Pigs Can't Swim: A Memoir (A Merloyd Lawrence Book)
For Helen, born into a Maine farm family featuring eight children, parents with good intentions but far too much to do, assorted animals raised to be eaten, and gardens to weed and hoe, two things soon become clear: books provide a necessary escape from the rampant chaos, and vegetarianism is a must if one is to avoid eating one's friends. Helen, the youngest, is an animal lover among carnivores, a rule follower who stands guard over her rebellious siblings, and the only reader in the house. Peppe's mordant humor, her irreverence, and her astonishing ear for dialogue make this memoir a joy to read, at once hilarious and wise, cynical and touching, realistic and hope filled.
Description
An outrageous, hilarious, and touching memoir by the youngest of nine children in a hardscrabble, beyond-eccentric Maine family.

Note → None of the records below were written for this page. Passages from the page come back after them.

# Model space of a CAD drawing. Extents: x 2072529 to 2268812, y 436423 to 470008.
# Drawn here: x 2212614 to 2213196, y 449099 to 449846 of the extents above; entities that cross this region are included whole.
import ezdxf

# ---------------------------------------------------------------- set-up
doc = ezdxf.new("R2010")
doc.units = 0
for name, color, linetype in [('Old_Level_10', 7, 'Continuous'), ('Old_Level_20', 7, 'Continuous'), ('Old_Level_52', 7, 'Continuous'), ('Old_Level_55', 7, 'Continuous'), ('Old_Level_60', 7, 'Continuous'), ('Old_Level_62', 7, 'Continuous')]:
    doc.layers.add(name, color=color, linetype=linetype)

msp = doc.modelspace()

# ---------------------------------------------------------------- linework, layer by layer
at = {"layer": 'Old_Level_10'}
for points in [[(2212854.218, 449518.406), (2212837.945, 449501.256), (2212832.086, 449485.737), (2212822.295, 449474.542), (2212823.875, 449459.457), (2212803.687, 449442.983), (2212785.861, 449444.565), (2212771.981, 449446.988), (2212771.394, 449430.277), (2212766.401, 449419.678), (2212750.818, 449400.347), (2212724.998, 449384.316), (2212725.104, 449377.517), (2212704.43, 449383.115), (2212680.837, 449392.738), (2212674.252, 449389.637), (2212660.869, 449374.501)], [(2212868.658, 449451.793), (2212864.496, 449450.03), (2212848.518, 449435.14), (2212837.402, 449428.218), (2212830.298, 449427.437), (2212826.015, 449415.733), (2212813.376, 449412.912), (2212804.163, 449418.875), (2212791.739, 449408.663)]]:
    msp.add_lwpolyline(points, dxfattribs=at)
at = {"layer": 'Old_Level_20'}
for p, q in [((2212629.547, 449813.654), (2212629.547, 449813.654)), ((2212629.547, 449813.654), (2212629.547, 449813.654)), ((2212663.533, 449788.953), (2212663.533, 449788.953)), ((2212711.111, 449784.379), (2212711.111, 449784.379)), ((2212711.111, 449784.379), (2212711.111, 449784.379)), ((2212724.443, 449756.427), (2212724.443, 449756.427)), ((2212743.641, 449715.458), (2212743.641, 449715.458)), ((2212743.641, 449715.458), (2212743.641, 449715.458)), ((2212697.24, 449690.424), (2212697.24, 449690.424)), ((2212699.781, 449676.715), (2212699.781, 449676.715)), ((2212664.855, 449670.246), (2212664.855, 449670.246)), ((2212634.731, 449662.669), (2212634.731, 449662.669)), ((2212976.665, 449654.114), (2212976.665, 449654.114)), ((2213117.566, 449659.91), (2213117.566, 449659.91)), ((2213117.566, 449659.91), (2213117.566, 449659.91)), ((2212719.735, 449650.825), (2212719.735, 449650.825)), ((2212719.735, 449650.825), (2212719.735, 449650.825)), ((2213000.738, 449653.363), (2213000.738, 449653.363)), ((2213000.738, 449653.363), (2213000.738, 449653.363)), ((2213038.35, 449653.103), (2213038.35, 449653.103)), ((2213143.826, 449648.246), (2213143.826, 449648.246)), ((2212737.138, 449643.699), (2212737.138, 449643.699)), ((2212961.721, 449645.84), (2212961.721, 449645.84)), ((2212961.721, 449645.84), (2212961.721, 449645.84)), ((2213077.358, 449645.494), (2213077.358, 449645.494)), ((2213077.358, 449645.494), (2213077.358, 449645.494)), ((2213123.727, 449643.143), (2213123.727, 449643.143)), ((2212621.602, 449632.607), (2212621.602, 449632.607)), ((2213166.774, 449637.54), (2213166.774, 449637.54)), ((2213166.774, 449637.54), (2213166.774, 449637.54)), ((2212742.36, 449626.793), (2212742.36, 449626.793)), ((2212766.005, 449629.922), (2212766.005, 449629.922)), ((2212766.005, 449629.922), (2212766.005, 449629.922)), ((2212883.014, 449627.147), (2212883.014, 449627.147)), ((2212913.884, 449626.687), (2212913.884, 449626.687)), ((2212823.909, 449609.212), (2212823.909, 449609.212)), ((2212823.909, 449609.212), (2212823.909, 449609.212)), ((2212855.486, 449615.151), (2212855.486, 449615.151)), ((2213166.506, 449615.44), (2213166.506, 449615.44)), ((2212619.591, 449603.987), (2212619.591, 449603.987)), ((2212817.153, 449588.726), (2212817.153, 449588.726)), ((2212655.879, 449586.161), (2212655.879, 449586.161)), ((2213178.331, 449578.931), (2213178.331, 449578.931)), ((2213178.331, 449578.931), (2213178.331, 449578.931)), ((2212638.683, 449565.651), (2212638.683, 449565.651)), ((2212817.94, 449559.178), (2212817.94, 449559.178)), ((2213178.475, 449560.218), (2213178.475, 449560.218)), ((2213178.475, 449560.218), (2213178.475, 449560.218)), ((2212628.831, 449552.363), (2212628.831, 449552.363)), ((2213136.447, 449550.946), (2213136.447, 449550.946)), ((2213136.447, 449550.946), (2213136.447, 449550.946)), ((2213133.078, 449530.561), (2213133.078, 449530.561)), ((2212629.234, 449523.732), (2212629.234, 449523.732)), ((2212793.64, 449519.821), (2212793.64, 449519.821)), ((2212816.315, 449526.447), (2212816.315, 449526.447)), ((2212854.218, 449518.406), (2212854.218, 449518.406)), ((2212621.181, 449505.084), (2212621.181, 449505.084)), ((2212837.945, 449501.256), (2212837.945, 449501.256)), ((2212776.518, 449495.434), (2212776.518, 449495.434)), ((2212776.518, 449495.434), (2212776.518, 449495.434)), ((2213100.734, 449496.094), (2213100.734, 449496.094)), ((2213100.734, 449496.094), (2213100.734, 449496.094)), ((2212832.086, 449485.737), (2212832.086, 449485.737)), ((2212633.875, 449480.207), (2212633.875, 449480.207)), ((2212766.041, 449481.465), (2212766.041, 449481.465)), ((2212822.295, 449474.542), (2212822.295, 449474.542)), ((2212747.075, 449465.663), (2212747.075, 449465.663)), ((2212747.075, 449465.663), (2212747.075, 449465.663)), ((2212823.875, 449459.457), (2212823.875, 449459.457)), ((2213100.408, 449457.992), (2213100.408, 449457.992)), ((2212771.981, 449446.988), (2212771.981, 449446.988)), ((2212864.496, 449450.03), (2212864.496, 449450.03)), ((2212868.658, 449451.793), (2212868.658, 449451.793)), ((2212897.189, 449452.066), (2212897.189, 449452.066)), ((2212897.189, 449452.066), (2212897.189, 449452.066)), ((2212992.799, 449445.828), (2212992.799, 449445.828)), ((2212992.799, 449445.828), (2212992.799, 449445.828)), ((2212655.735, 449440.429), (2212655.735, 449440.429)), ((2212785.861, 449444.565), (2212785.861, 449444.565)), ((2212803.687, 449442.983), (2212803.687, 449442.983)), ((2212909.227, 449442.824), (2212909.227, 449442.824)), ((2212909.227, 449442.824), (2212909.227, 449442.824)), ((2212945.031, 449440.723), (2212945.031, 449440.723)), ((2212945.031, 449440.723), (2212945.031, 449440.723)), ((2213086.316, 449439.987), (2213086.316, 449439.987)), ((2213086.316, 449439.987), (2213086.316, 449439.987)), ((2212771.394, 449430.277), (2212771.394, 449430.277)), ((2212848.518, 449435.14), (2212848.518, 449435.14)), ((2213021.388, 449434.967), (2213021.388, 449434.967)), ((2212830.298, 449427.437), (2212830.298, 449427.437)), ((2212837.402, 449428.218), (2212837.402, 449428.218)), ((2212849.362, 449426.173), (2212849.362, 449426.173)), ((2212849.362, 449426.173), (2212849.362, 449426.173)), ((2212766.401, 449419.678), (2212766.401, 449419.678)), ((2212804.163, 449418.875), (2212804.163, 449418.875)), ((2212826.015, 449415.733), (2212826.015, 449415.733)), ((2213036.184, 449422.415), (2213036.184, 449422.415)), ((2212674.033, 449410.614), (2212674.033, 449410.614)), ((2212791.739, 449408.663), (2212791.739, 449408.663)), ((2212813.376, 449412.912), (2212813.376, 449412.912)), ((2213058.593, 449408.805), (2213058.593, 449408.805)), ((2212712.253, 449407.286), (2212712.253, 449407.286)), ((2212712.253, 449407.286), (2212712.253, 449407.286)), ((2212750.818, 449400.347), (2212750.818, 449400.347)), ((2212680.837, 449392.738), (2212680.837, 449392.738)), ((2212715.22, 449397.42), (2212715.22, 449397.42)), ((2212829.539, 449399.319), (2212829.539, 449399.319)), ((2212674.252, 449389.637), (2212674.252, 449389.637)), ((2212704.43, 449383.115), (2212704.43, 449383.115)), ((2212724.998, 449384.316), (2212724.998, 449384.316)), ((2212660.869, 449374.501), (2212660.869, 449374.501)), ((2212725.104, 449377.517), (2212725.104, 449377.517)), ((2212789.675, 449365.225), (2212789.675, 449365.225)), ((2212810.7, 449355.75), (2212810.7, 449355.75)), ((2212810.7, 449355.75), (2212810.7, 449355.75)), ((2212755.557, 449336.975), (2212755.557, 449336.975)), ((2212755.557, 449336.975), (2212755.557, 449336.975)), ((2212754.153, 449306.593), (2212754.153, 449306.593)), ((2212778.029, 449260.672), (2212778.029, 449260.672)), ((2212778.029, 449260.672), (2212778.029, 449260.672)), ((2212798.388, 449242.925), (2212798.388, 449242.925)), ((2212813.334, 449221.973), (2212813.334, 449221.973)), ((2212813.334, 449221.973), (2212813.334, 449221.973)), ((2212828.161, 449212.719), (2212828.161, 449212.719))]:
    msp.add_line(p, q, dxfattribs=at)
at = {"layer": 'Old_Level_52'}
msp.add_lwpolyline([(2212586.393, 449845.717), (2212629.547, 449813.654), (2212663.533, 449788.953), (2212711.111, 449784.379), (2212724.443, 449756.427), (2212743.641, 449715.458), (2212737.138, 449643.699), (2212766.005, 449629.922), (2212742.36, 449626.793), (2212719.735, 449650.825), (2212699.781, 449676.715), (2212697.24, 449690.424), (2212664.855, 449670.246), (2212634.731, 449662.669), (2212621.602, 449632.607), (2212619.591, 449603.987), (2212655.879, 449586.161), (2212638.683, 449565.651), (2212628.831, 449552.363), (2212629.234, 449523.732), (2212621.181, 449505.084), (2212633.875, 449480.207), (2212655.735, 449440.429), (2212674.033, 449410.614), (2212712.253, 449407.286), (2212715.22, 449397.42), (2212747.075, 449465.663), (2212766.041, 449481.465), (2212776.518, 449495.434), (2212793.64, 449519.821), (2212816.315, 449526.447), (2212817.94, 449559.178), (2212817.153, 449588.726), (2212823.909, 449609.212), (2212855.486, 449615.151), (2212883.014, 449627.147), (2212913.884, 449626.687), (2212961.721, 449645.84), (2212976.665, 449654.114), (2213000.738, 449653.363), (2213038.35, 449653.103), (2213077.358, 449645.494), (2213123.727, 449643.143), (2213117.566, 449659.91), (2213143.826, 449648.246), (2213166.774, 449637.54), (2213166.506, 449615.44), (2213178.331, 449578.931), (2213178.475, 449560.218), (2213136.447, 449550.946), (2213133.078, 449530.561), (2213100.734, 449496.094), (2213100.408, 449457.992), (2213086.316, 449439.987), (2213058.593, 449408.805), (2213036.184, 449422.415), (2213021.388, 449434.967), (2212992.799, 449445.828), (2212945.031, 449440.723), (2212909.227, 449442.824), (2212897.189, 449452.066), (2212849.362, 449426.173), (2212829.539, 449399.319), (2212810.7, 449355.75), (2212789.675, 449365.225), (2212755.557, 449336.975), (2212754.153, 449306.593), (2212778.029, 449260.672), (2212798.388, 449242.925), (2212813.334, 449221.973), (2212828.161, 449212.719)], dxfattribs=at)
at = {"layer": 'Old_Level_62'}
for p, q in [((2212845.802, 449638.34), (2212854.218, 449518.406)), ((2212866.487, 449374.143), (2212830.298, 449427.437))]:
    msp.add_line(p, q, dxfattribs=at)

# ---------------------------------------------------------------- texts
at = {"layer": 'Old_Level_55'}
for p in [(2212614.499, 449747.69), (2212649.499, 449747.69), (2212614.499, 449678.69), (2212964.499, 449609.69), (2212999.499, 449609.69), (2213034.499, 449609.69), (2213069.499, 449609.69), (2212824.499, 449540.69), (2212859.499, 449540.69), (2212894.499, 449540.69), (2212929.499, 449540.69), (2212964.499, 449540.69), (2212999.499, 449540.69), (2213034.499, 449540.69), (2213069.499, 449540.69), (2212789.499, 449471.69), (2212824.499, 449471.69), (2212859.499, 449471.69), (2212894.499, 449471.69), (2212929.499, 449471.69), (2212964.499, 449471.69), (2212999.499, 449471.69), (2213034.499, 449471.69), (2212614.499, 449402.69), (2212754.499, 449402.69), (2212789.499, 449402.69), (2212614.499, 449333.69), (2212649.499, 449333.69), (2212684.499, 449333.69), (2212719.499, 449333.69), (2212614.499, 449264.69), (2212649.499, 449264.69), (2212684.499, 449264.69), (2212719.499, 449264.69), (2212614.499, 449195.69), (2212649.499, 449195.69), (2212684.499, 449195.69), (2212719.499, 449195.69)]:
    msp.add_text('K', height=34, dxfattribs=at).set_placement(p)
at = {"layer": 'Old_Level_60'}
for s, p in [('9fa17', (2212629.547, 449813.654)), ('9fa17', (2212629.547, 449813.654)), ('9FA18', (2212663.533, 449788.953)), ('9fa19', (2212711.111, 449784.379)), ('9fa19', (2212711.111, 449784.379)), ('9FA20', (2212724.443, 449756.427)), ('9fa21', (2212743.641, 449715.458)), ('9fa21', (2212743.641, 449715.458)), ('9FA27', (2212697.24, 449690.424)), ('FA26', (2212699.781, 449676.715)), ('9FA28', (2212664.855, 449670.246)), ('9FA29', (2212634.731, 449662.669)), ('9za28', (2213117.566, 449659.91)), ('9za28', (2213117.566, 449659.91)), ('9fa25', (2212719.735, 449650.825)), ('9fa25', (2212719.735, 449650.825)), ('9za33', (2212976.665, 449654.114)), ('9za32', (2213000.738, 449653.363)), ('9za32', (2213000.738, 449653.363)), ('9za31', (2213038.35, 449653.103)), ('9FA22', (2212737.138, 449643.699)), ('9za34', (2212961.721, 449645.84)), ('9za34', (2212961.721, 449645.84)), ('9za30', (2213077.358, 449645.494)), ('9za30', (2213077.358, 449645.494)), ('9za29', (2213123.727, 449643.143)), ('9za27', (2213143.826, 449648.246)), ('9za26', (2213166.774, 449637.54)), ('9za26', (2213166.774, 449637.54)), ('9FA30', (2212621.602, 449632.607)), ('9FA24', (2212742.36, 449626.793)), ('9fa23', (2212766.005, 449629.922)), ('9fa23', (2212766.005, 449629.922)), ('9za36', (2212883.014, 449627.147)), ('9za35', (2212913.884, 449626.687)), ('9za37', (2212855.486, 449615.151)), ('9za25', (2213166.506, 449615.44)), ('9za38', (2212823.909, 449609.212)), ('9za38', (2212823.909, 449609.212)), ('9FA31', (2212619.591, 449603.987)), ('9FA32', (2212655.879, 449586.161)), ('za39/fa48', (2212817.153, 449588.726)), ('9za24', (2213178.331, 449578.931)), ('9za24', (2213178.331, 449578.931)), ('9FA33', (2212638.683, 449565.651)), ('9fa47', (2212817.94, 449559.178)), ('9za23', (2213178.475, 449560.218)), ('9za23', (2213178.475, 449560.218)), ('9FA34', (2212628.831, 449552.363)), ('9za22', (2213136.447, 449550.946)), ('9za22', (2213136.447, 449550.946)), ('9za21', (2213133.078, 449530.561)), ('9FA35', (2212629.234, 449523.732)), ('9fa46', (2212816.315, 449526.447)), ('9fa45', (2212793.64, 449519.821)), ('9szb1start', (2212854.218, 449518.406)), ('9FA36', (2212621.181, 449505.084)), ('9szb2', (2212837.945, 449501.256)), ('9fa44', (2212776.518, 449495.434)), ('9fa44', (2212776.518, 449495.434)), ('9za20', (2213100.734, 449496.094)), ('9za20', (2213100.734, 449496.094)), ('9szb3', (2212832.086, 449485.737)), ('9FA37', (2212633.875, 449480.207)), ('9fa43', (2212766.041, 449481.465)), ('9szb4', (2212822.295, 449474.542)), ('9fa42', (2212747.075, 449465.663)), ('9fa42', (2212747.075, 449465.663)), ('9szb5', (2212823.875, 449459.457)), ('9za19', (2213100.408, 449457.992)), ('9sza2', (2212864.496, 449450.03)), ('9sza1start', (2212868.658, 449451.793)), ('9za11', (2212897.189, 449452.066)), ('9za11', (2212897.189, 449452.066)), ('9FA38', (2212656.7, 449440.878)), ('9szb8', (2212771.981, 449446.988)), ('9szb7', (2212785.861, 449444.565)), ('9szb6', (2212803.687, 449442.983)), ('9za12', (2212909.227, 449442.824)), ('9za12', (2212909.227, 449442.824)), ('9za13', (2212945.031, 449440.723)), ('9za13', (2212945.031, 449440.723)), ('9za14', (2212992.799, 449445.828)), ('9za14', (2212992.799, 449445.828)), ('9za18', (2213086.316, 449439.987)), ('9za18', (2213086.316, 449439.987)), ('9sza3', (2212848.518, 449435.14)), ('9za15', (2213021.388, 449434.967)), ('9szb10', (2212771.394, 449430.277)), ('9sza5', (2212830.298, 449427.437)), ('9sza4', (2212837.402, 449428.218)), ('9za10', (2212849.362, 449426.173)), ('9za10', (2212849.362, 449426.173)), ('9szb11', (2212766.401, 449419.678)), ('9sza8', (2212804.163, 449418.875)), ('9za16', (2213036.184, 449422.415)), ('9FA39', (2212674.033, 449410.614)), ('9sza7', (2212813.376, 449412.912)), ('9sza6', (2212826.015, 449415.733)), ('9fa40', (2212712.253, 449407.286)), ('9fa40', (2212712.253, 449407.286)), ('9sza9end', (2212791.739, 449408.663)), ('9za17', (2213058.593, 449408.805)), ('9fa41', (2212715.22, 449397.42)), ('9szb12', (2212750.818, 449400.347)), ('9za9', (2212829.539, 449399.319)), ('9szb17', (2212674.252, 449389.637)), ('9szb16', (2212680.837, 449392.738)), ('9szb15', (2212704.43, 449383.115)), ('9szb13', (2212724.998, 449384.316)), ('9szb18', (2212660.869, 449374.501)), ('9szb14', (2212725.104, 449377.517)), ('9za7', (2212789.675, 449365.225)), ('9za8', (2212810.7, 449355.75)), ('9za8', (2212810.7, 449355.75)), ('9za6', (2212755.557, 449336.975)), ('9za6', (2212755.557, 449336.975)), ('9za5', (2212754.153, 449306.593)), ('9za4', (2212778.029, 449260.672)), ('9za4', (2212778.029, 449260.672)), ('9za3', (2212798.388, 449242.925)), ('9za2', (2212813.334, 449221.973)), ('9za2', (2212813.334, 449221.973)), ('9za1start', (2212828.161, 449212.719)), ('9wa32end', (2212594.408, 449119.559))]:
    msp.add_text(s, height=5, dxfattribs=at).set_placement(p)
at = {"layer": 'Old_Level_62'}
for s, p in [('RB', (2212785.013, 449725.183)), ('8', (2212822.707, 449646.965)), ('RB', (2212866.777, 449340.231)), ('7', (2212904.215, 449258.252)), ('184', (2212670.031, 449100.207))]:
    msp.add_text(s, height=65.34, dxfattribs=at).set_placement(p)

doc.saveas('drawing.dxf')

With everything happening on Helen Peppe's backwoods Maine farm, life was wild -- and not just for the animals. Sibling rivalry, rock-bottom poverty, feral male chauvinism, sex in the hayloft: everything seemed--and was -- out of control. In telling her wayward family tale, Peppe manages deadpan humor, an unerring eye for the absurd, and poignant compassion for her utterly overwhelmed parents. While her feisty resilience and candor will inevitably remind readers of Jeannette Walls or Mary Karr, Peppe's wry insight and moments of tenderness with family and animals are entirely her own. As Richard Hoffman, the author of Half the House: A Memoir puts it: "Pigs Can't Swim -- is an unruly, joyous troublemaker of a book."